▶ **Exercise prompt**: Look for the word "save" in the entries and copy every line where it shows up.

▶ **Entries supplied**:
★ ★ ★ ★

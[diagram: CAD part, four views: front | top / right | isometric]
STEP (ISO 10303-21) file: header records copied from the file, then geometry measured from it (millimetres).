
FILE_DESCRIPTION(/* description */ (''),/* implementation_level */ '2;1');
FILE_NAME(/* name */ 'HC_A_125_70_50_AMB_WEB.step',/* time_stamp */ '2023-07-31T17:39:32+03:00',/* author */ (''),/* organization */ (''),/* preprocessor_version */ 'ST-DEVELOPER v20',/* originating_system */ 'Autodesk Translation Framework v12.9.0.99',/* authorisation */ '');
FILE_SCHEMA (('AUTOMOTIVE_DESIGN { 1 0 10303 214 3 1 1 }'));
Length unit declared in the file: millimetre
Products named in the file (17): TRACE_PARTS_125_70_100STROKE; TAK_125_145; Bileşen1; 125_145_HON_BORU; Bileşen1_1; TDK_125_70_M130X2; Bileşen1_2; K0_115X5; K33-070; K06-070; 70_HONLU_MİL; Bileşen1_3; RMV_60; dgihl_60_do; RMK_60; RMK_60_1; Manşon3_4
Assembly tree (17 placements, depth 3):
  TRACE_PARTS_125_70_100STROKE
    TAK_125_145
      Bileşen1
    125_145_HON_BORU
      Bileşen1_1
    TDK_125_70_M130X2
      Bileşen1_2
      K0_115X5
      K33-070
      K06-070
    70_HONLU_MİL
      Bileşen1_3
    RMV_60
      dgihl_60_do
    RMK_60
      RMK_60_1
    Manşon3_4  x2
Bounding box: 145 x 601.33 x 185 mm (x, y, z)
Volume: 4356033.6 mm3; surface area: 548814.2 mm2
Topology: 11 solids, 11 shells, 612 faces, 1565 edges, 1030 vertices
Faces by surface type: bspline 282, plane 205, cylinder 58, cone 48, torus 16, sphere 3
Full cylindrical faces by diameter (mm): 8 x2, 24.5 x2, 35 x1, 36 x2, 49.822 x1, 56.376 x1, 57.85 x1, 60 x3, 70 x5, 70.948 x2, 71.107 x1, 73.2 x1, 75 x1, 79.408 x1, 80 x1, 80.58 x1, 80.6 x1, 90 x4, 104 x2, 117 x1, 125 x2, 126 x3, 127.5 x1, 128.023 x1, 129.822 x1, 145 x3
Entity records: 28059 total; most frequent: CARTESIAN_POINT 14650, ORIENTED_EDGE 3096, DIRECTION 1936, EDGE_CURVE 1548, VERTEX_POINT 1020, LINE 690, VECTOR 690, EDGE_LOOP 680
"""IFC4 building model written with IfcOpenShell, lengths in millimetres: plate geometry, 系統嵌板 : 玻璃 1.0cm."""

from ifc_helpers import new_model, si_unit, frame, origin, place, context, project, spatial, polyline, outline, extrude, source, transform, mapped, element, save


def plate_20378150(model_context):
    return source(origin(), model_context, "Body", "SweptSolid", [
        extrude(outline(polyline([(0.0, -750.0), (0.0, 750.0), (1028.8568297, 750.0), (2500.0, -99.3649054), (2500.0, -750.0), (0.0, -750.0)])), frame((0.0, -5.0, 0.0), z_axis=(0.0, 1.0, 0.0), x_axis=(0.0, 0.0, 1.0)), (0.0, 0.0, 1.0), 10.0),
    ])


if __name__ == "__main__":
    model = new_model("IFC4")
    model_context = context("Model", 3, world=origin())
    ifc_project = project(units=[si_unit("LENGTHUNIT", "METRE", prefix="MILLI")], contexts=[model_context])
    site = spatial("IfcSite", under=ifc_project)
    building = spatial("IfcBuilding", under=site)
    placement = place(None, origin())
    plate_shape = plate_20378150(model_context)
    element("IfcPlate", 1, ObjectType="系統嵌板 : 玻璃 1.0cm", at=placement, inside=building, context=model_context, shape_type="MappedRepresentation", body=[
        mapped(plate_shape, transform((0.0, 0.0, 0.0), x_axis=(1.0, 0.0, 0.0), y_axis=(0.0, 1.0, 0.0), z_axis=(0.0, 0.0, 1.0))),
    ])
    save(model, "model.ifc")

★ ★ ★ ★

▶ **Response to the exercise**:
from ifc_helpers import new_model, si_unit, frame, origin, place, context, project, spatial, polyline, outline, extrude, source, transform, mapped, element, save
    save(model, "model.ifc")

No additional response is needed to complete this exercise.